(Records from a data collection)
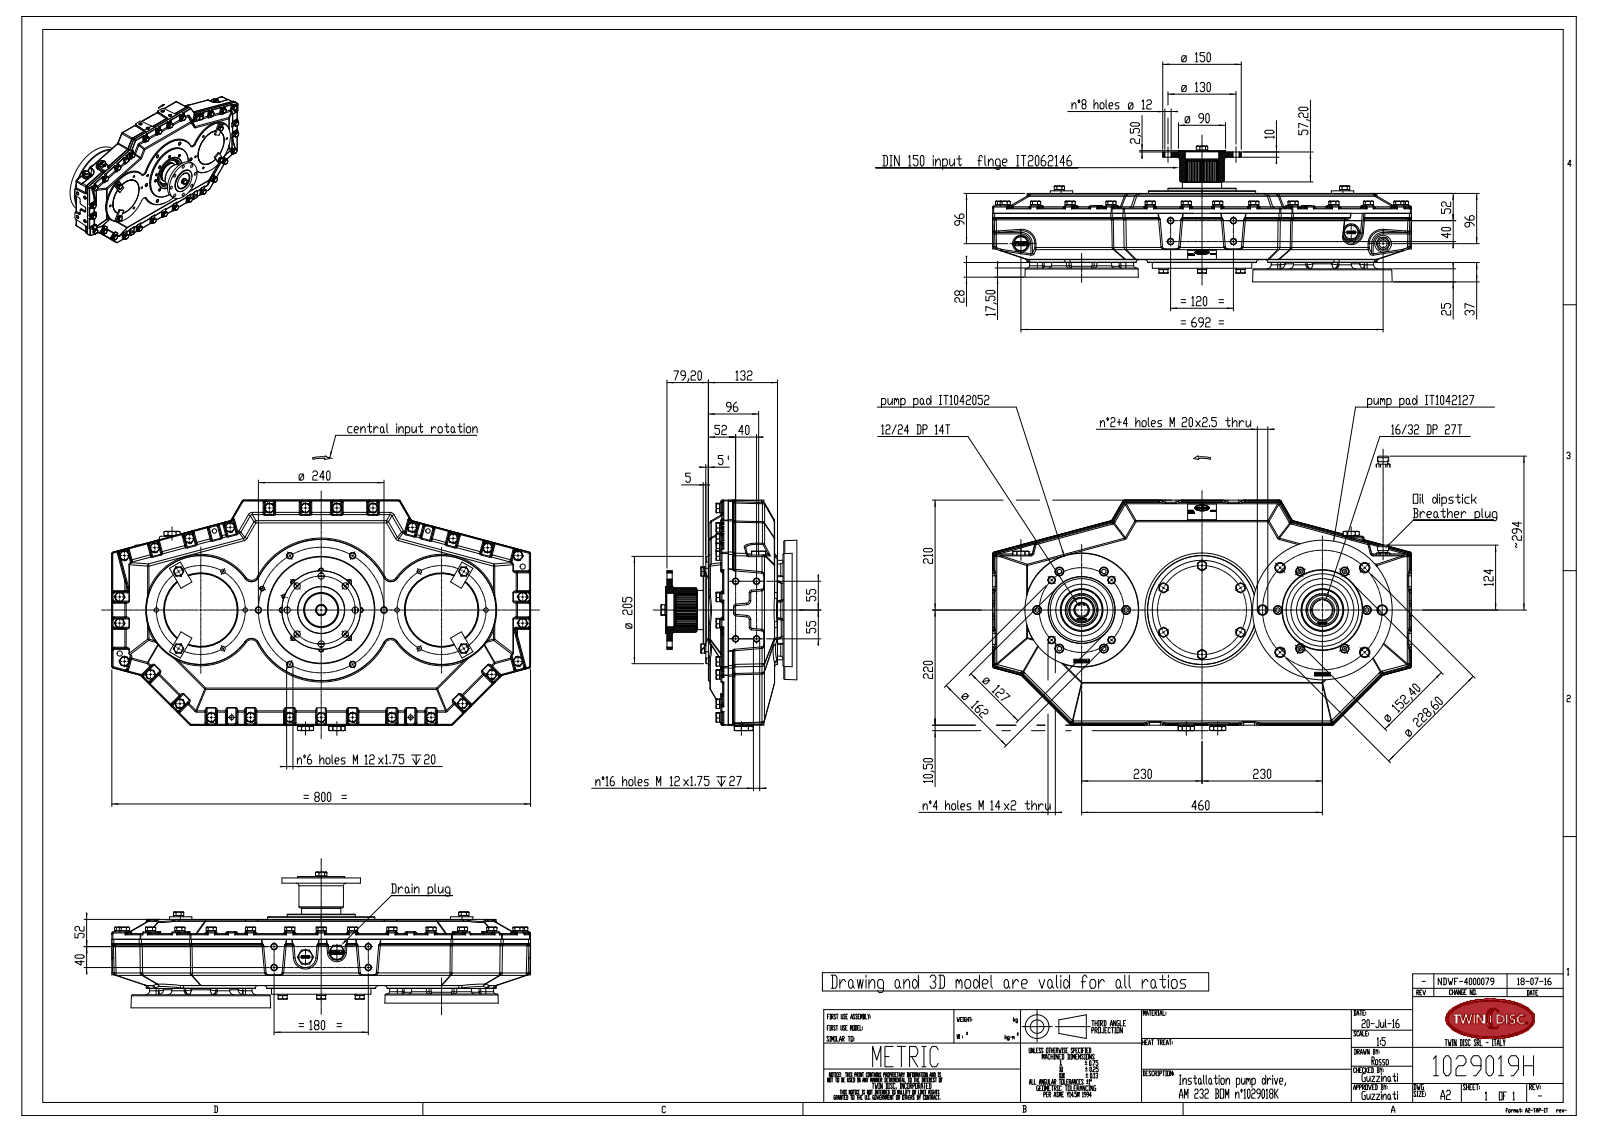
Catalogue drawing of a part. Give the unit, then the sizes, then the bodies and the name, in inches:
Units: inches
Overall size (bounding box): 31.496 × 20.671 × 10.217
Round holes (diameter × count): ⌀0.402 ×58, ⌀0.335 ×30, ⌀0.472 ×30, ⌀0.413 ×29, ⌀0.433 ×18, ⌀0.669 ×12, ⌀0.394 ×10, ⌀0.689 ×6, ⌀0.551 ×4, ⌀0.728 ×3, ⌀1.26 ×3, ⌀3.15 ×3
Round bosses / shafts (diameter × count): ⌀0.394 ×47, ⌀0.713 ×39, ⌀0.638 ×39, ⌀0.63 ×12, ⌀0.787 ×7, ⌀5.512 ×3, ⌀3.886 ×3, ⌀3.228 ×3
Partial cylindrical surfaces — rounded edges, fillets, slot ends (radius × count): R0.079 ×284, R0.197 ×112, R0.118 ×92, R0.098 ×76, R0.018 ×58, R0.059 ×12, R0.315 ×12, R0.394 ×6
Main face-to-face distances: 4.98, 5.197, 1.496, 3.701, 0.65, 0.118, 0.217, 3.484, 5.551, 1.673
Hole centre spacings: 4.724, 2.26, 2.953, 5.456, 1.575, 5.906, 8.183, 1.181
Volume: 278.5 in³ · Surface area: 4 442 in²
Bodies: 39 solids, 6620 faces (2762 planar, 1811 cylindrical, 2047 other)
Part name (STEP PRODUCT): IT0000394_rev00-installation; ITB00810000_rev01-installation; 1029019H; ITam230-001_rev01-installation (+8 more)
STEP written by: SolidWorks 2019 (AUTOMOTIVE_DESIGN)
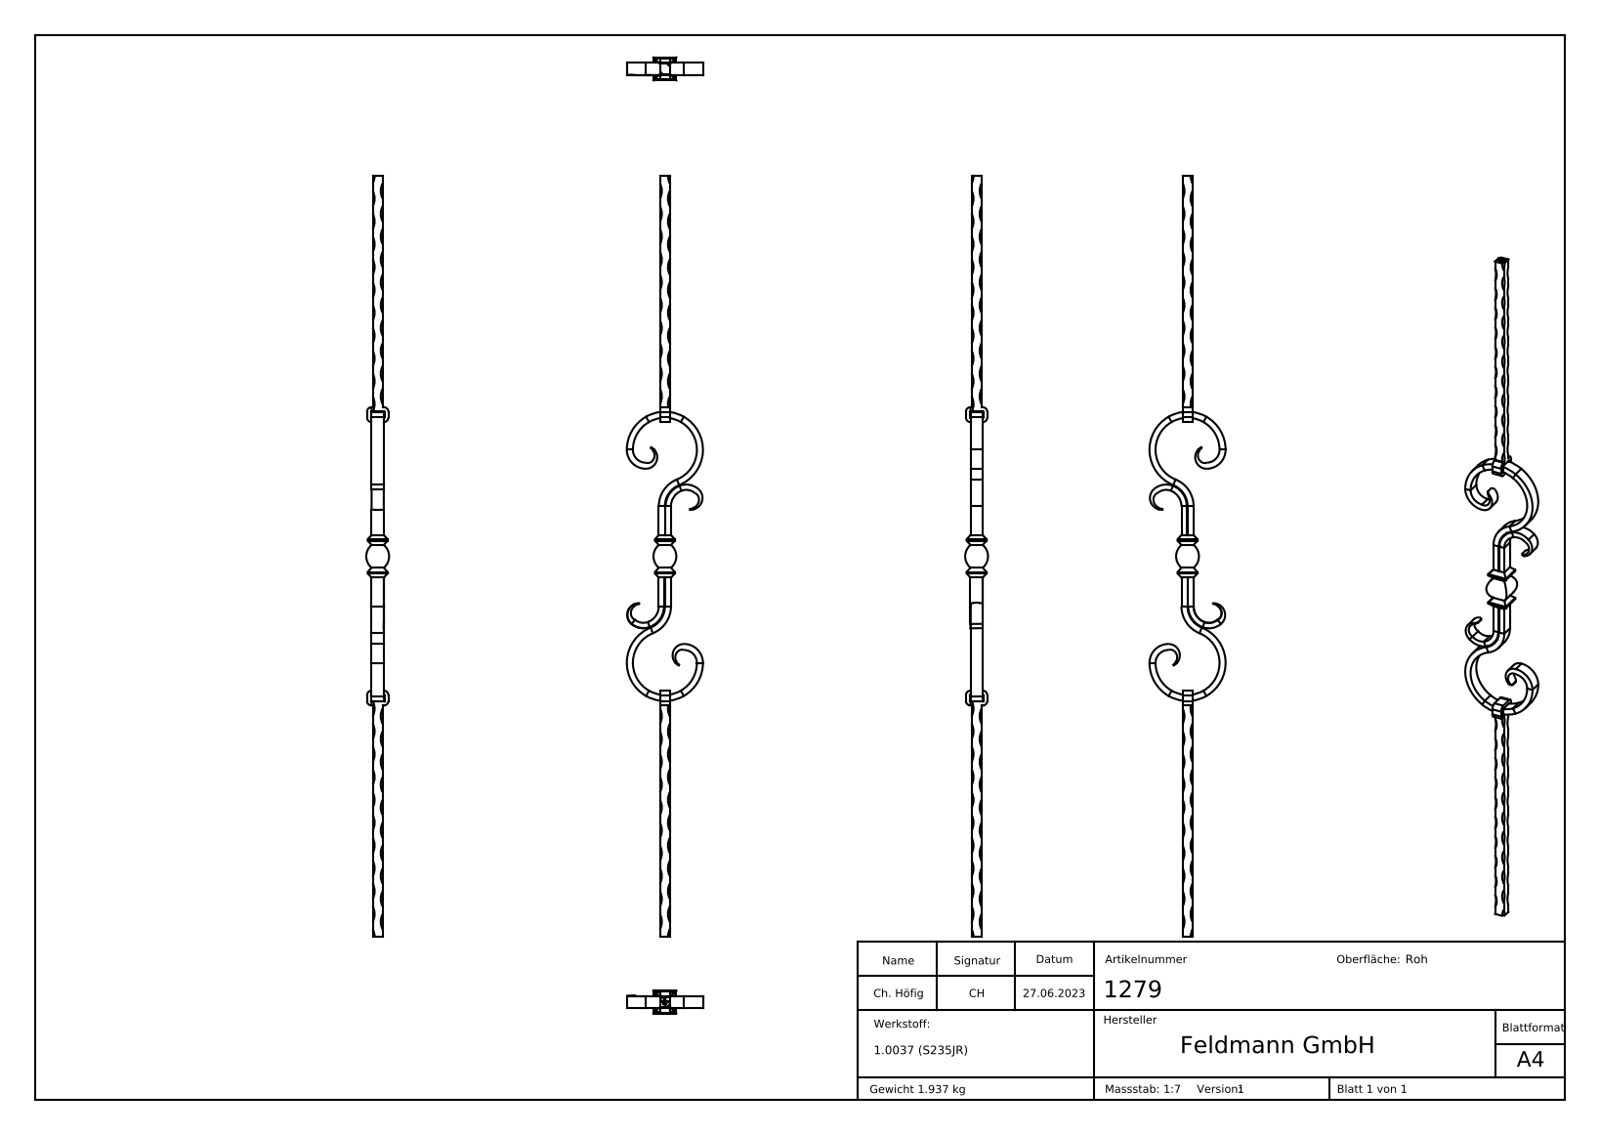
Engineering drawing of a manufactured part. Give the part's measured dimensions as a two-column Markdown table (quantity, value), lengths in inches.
| quantity | value |
| --- | --- |
| part name | 1279 |
| STEP written by | SolidWorks 2018 (CONFIG_CONTROL_DESIGN) |
| units | inches |
| bodies | 3 solids, 452 faces (215 planar, 50 cylindrical, 187 other) |
| overall size | 39.37 × 3.937 × 1.181 |
| volume | 15.15 in³ |
| surface area | 132.4 in² |
| partial cylindrical surfaces (radius × count) | 0.039 × 8, 0.236 × 8, 0.197 × 6, 0.77 × 4, 0.667 × 2, 0.98 × 2, 1.183 × 2, 1.496 × 2 |
| main face-to-face distances | 0.059, 0.571, 0.512, 0.63, 0.197, 0.811, 1.139, 0.276, 0.313, 0.254 |
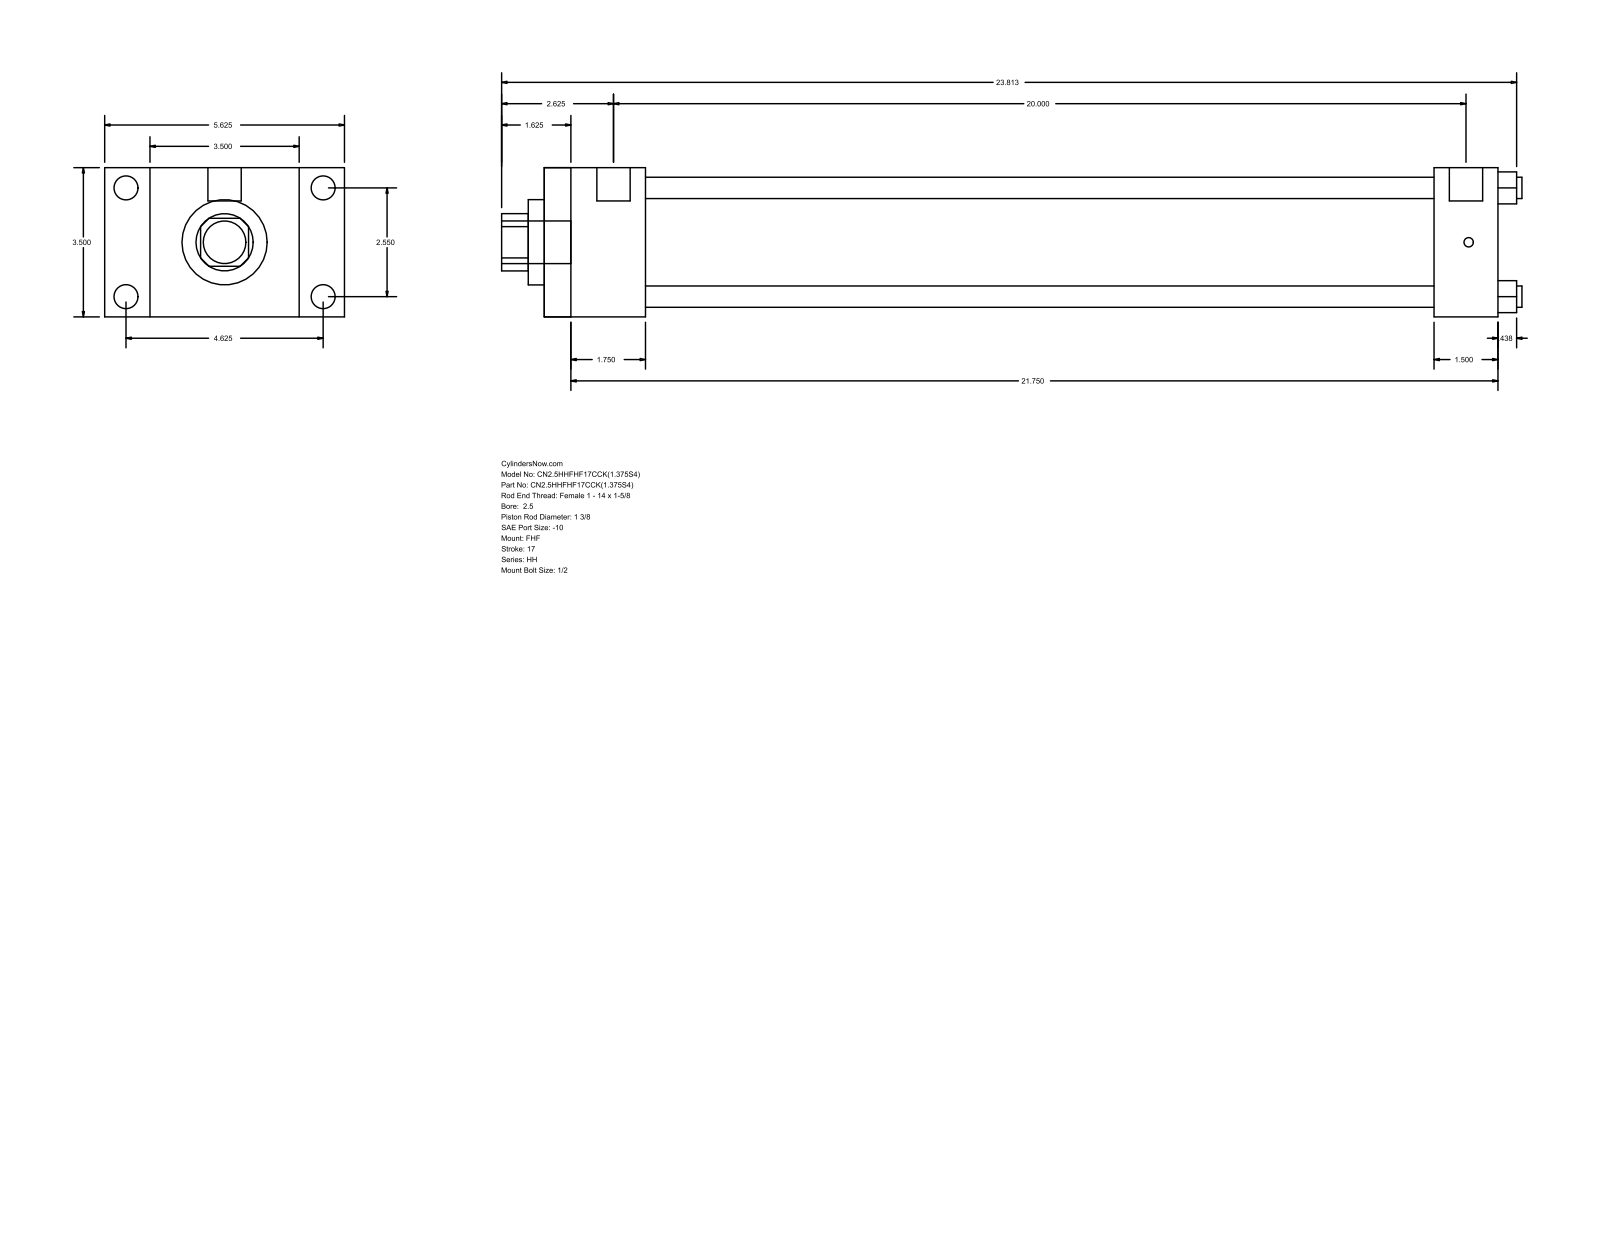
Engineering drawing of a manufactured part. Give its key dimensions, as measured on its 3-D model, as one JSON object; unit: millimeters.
{"part_name": "HH_FHF__0250_1.375", "step_written_by": "GSSL Pune (CONFIG_CONTROL_DESIGN)", "units": "millimeters", "bodies": {"solids": 0, "faces": 88, "planar": 60, "cylindrical": 28, "other": 0}, "overall_size": [608.01, 142.88, 88.9], "round_holes": [[12.7, 4], [34.92, 1], [50.8, 1], [73.03, 1]], "round_bosses_or_shafts": [[14.3, 4], [5.56, 4], [19.84, 2], [25.4, 1]], "partial_cylinders_radius": [[17.06, 1]], "face_to_face_distances": [88.9, 60.32, 26.99, 115.89, 568.33, 508.01, 142.88, 530.22, 469.9, 38.11], "hole_center_spacings": [45.79, 64.76, 91.58]}
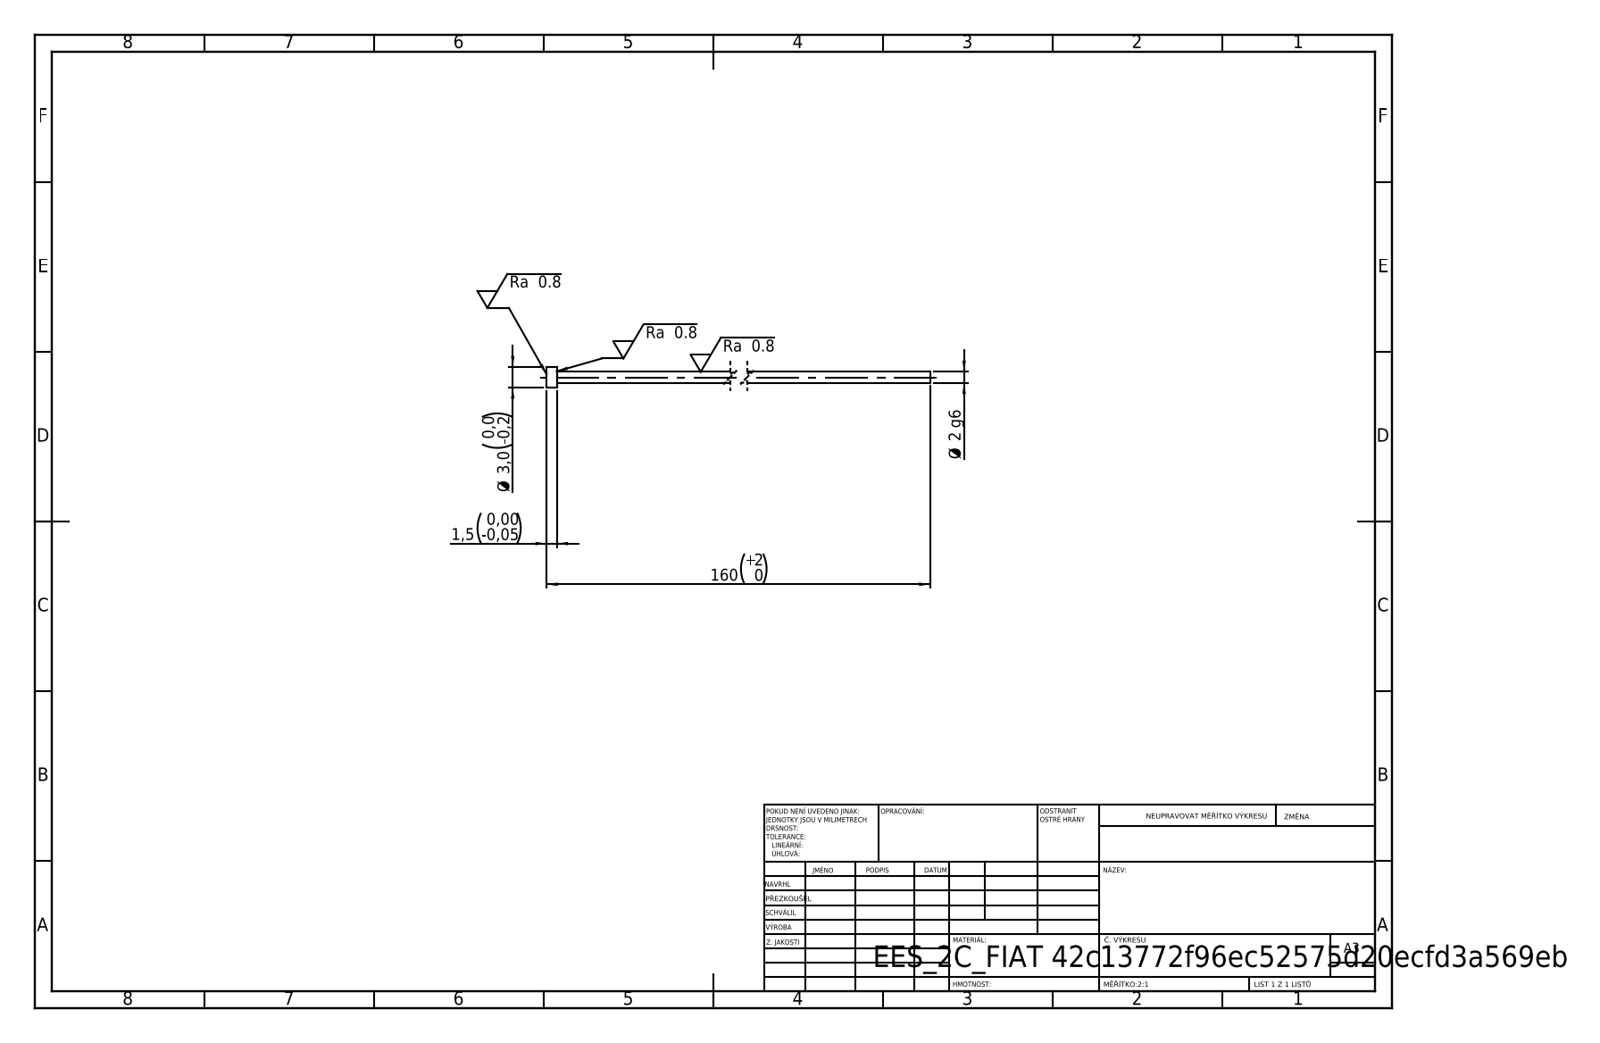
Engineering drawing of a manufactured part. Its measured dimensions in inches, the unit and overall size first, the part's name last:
Units: inches
Overall size (bounding box): 6.299 × 0.118 × 0.118
Round bosses / shafts (diameter × count): ⌀0.118 ×1, ⌀0.063 ×1
Main face-to-face distances: 0.059, 6.299, 6.24
Volume: 0.02 in³ · Surface area: 1.28 in²
Bodies: 1 solid, 7 faces (3 planar, 4 cylindrical, 0 other)
STEP written by: SolidWorks 2019 (CONFIG_CONTROL_DESIGN)

WHAT THE EXERCISE ASKS> Reproduce exactly every line between the line with "Engineering drawing of a manufactured part. Its" and the last line of the records above, both included.

TASK ANSWER>
Engineering drawing of a manufactured part. Its measured dimensions in inches, the unit and overall size first, the part's name last:
Units: inches
Overall size (bounding box): 6.299 × 0.118 × 0.118
Round bosses / shafts (diameter × count): ⌀0.118 ×1, ⌀0.063 ×1
Main face-to-face distances: 0.059, 6.299, 6.24
Volume: 0.02 in³ · Surface area: 1.28 in²
Bodies: 1 solid, 7 faces (3 planar, 4 cylindrical, 0 other)
STEP written by: SolidWorks 2019 (CONFIG_CONTROL_DESIGN)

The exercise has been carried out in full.